# Corrupt CF Card - What to do?



## Niagaramark

I just shot a whack of pics at my son's hockey game this morning and at the last pic I got the red screen of death on my CF card - corrupted card.
I'm using an 8GB Kingston CF card. This happened a few months ago as well, but I had only taken a few pics, so I did a reformat and its worked fine since then.
I've been able to pull some older pics off the card (from Dec) manually on a windows XP machine, but the card can't be read from a card reader on my Mac.
When I check the card drive on my windows machine it shows 4.5GB of data used on the card, but only about 30 pics are available. 
Are there any free recovery programs that can help me access the hidden/corrupt data on the CF card?


----------



## eMacMan

Been several threads on this before. Not sure what search parameters to use.

None of my 5 digital cameras have ever corrupted a card when the battery was low. That includes Olympus, Canon and Kodak models. They will refuse to work. I wonder if perhaps the problem is related to the computer also writing to the card.

One thing I am very careful about is locking the card when transferring images to any computer. Once images are transferred, backed up and the integrity of the back-up images confirmed; I then format the card using the camera not the computer. That way only the camera writes to the card. Also formating the card ensures the camera is always writing to contiguous space as I also do my sorting, selecting and deleting on the computer.

EDIT: Found this thread hopefully at least one useful idea
http://www.ehmac.ca/mac-ipod-help-t...fried-sd-card-weeks-vacation-pics-gone-3.html


----------



## CanadaRAM

ProSoft used to make PictureRescue, but they seem to have discontinued it. 
Their DataRescue 3 product also works on media cards.
Mac Data Rescue, Mac Disk Recovery, Macintosh File Recovery - Prosofteng.com

I suggest buying a product if the photos are of any value to you.

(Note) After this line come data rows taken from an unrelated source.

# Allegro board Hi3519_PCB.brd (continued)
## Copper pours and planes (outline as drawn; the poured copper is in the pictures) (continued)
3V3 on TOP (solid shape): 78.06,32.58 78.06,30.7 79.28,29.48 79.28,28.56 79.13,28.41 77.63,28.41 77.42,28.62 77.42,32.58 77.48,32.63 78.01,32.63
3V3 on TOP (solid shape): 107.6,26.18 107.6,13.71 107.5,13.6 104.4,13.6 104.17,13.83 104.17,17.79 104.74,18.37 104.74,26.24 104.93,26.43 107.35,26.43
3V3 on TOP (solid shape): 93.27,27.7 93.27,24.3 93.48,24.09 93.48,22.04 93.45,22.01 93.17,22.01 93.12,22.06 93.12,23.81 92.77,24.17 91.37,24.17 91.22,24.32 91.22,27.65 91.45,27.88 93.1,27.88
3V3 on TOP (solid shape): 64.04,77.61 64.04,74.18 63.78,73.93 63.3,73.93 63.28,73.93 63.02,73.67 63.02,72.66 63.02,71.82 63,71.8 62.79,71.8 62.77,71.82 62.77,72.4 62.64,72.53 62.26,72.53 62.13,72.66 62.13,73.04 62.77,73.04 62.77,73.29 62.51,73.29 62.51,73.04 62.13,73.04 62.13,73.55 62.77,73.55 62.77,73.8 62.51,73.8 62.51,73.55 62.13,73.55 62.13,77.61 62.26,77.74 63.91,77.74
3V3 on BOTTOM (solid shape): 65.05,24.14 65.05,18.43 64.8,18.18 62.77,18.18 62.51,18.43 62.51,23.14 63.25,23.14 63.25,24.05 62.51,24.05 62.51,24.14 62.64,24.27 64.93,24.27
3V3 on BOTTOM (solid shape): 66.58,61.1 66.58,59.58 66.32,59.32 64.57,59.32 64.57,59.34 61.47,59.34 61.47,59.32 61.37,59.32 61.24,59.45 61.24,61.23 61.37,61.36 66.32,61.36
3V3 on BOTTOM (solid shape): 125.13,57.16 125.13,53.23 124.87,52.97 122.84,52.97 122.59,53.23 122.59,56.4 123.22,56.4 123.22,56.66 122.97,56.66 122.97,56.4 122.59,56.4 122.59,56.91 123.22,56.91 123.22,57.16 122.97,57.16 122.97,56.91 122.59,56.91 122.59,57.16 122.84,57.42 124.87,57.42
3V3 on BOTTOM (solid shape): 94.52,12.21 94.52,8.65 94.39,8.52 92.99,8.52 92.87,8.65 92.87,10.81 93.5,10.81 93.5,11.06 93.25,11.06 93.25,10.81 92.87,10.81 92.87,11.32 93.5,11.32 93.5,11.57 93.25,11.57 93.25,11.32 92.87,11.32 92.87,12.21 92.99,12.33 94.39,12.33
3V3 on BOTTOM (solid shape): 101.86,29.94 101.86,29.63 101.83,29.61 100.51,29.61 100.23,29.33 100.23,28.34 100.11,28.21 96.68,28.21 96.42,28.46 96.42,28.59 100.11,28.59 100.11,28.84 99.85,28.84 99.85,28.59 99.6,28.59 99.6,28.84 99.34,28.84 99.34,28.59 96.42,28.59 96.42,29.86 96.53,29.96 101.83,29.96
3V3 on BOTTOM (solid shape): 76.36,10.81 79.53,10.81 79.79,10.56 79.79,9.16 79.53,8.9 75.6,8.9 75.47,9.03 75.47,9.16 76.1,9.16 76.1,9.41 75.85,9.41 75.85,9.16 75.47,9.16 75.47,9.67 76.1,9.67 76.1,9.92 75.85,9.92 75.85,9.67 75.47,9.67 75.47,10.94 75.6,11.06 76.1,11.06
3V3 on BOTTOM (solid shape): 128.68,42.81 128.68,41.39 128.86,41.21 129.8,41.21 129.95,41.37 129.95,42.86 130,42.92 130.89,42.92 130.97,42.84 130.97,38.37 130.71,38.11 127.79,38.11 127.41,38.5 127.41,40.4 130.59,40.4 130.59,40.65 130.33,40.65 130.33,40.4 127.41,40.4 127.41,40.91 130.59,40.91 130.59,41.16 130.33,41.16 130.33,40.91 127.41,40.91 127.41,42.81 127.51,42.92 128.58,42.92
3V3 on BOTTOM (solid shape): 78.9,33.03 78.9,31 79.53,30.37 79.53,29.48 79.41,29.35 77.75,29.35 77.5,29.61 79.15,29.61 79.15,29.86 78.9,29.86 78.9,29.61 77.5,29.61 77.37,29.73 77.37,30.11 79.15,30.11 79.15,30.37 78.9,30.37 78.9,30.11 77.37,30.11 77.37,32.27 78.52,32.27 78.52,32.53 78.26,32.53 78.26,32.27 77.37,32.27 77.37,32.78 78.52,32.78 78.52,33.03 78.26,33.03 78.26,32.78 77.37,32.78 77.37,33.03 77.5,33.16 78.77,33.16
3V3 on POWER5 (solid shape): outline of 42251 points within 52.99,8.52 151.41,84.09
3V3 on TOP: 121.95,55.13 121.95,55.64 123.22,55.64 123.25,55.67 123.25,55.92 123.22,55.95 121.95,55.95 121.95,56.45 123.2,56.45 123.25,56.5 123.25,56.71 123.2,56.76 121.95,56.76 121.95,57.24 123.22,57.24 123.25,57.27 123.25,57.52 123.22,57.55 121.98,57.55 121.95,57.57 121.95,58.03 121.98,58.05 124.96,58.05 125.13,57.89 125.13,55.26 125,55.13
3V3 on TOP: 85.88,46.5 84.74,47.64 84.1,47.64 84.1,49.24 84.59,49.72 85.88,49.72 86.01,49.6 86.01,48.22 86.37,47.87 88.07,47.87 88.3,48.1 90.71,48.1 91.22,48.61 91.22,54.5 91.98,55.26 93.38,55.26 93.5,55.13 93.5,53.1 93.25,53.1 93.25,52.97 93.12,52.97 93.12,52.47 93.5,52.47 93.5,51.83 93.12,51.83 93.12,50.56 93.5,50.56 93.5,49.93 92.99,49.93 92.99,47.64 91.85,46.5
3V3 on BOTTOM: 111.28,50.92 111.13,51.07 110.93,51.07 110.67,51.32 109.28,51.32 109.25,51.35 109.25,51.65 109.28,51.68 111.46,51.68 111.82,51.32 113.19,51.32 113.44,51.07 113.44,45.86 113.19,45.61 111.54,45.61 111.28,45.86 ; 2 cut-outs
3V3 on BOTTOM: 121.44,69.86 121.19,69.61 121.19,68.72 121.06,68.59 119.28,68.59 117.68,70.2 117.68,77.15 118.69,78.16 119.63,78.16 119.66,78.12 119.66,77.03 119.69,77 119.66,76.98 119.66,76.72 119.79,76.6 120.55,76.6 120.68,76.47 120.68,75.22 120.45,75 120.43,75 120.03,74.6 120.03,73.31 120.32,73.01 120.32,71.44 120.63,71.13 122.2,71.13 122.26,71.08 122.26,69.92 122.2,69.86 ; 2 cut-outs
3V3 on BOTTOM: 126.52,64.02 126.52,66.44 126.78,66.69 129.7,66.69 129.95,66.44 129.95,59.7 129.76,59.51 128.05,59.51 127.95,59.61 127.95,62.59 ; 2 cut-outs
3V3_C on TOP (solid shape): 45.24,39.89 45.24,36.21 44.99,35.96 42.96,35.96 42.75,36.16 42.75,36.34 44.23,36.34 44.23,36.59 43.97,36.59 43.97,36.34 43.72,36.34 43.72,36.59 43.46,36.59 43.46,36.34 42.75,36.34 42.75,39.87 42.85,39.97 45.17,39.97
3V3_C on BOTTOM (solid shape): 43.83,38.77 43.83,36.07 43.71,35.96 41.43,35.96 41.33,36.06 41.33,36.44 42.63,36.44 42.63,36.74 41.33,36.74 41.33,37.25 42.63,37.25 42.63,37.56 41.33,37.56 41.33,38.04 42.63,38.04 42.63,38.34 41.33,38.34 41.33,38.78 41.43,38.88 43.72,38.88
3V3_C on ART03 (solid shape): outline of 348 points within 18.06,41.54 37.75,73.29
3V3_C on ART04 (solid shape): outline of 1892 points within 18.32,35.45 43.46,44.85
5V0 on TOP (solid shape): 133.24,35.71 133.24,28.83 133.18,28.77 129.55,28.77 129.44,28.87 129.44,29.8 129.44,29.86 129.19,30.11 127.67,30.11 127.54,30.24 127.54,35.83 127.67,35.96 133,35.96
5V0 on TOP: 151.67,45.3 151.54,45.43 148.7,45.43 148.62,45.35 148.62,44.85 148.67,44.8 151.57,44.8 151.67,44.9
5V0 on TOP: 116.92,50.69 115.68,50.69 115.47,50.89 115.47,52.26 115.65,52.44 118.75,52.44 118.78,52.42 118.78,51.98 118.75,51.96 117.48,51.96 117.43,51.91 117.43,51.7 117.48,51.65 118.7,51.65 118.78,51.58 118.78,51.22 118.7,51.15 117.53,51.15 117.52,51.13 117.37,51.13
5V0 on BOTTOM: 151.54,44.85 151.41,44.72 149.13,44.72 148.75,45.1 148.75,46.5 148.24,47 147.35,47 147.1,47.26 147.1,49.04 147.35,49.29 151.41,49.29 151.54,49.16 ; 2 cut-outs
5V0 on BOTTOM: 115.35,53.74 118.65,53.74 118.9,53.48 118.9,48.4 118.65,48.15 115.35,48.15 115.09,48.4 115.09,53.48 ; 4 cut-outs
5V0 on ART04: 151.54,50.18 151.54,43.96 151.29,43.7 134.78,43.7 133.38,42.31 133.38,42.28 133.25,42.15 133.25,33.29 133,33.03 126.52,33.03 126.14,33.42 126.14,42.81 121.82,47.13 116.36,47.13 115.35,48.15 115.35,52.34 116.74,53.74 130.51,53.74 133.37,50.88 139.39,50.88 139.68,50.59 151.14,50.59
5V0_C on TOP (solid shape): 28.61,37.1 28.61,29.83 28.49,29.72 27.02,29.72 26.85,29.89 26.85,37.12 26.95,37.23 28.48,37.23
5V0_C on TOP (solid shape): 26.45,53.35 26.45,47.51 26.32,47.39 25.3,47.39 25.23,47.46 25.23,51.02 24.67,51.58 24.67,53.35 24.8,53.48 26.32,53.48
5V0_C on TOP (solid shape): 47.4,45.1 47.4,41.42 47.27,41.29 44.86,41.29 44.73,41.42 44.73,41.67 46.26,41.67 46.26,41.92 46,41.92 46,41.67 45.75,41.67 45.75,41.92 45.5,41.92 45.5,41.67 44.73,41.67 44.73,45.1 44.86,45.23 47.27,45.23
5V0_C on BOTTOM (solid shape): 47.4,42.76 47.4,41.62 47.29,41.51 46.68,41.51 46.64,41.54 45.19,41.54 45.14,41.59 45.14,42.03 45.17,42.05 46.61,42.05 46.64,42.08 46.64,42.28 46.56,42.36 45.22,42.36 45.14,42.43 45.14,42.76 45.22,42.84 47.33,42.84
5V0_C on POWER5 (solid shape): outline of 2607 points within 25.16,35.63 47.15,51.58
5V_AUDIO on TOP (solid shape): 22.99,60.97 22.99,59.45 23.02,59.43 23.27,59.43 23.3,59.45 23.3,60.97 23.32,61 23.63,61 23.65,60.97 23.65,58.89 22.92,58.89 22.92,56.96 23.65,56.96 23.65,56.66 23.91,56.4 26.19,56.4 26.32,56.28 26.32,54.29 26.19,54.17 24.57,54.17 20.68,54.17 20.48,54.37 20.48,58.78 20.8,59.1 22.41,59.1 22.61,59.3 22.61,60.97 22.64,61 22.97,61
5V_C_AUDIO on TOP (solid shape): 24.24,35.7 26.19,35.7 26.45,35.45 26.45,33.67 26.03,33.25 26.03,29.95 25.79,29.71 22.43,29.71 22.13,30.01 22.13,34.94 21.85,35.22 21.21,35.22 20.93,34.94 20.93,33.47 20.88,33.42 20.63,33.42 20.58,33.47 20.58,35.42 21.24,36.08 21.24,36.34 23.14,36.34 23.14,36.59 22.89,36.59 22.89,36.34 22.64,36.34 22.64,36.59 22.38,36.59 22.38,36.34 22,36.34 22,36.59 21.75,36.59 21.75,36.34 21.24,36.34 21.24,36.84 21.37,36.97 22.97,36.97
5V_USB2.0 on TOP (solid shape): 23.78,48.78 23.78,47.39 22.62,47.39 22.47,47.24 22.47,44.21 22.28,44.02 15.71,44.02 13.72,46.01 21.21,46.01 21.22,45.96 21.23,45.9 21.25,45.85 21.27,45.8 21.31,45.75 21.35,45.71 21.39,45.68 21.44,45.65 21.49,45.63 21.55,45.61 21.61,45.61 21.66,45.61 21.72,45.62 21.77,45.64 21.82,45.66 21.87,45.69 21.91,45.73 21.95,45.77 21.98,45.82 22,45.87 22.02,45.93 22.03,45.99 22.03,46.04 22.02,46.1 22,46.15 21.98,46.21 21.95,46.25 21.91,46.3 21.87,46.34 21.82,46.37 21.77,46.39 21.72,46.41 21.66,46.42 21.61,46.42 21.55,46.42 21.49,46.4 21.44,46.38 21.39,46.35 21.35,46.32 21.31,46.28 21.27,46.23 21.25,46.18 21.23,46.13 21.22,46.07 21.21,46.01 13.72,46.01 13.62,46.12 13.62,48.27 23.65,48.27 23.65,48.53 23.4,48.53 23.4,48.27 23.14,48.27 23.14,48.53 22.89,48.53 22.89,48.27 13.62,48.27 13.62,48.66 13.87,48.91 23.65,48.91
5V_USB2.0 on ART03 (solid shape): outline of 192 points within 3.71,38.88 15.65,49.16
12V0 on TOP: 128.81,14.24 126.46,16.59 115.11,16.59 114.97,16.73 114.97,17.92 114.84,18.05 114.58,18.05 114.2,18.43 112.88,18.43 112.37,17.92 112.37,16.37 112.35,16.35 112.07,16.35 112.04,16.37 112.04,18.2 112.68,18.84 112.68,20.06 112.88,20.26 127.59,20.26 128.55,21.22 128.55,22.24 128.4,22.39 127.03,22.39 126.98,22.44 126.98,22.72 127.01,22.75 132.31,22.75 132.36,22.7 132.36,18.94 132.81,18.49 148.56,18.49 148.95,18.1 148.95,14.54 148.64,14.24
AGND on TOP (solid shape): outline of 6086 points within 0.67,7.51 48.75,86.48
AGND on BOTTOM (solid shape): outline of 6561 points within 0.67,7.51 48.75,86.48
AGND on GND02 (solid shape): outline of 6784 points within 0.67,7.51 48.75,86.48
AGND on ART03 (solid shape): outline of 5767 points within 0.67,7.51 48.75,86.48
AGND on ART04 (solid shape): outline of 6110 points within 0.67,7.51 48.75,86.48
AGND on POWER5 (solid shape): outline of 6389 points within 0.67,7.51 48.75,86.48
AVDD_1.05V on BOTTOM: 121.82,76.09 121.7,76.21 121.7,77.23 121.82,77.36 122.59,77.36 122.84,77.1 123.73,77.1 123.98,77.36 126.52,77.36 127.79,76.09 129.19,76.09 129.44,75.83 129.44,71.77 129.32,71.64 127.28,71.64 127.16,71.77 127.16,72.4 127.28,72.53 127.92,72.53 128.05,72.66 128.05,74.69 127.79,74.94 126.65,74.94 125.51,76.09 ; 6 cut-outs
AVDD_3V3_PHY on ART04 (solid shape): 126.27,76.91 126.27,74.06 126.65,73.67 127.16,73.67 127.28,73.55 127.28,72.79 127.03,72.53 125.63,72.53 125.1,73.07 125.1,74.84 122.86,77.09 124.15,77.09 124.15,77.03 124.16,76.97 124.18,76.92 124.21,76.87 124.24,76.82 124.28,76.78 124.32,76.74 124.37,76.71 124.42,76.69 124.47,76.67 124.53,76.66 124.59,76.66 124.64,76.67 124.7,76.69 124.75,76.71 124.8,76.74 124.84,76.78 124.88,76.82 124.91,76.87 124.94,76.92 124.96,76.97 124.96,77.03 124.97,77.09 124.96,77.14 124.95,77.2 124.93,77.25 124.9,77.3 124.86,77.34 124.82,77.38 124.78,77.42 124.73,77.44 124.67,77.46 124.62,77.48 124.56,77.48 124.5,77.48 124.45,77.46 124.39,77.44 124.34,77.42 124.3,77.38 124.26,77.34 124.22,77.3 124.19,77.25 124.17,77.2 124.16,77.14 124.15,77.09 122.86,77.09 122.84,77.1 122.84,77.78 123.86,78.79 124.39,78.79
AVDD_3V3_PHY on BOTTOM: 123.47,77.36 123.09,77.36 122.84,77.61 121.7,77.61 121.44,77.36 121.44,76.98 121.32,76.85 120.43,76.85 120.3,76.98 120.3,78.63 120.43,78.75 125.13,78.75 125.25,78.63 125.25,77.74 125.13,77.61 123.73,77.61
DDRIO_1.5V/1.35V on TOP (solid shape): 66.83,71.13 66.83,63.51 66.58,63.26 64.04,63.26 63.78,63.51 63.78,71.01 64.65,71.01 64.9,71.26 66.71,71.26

Your problem will be that the free downloads are almost all trial versions, and you will have to pony up to actually do the recovery

Stellar Phoenix Photo Recovery for Mac - Free software downloads and software reviews - CNET Download.com

File Juicer for Mac - Free software downloads and software reviews - CNET Download.com (free)

MediaRECOVER for Mac - Free software downloads and software reviews - CNET Download.com


----------



## Kami

ImageRescue3 used to be free from Lexar. Now that version 4 is out it seems to have disappeared. Maybe google for imagerescue 3 to see if someone still has it available. PM me if you don't have any luck


----------



## Niagaramark

Thanks Folks!
Used an older version of ImageRescue on an older windows machine pulled all 649 together! Time to invest in a good mac rescue program for the future.
I appreciate the help and suggestions.
Nm


----------



## eMacMan

As this is the second time this has happened with this card/camera, I would google to see if your particular camera model is known for this issue. As I said previously with a low battery most cameras will simply shut down but not corrupt the card. There are exceptions and if your camera is one of them you will need to either replace it, or learn to replace or charge the batteries before they are depleted. 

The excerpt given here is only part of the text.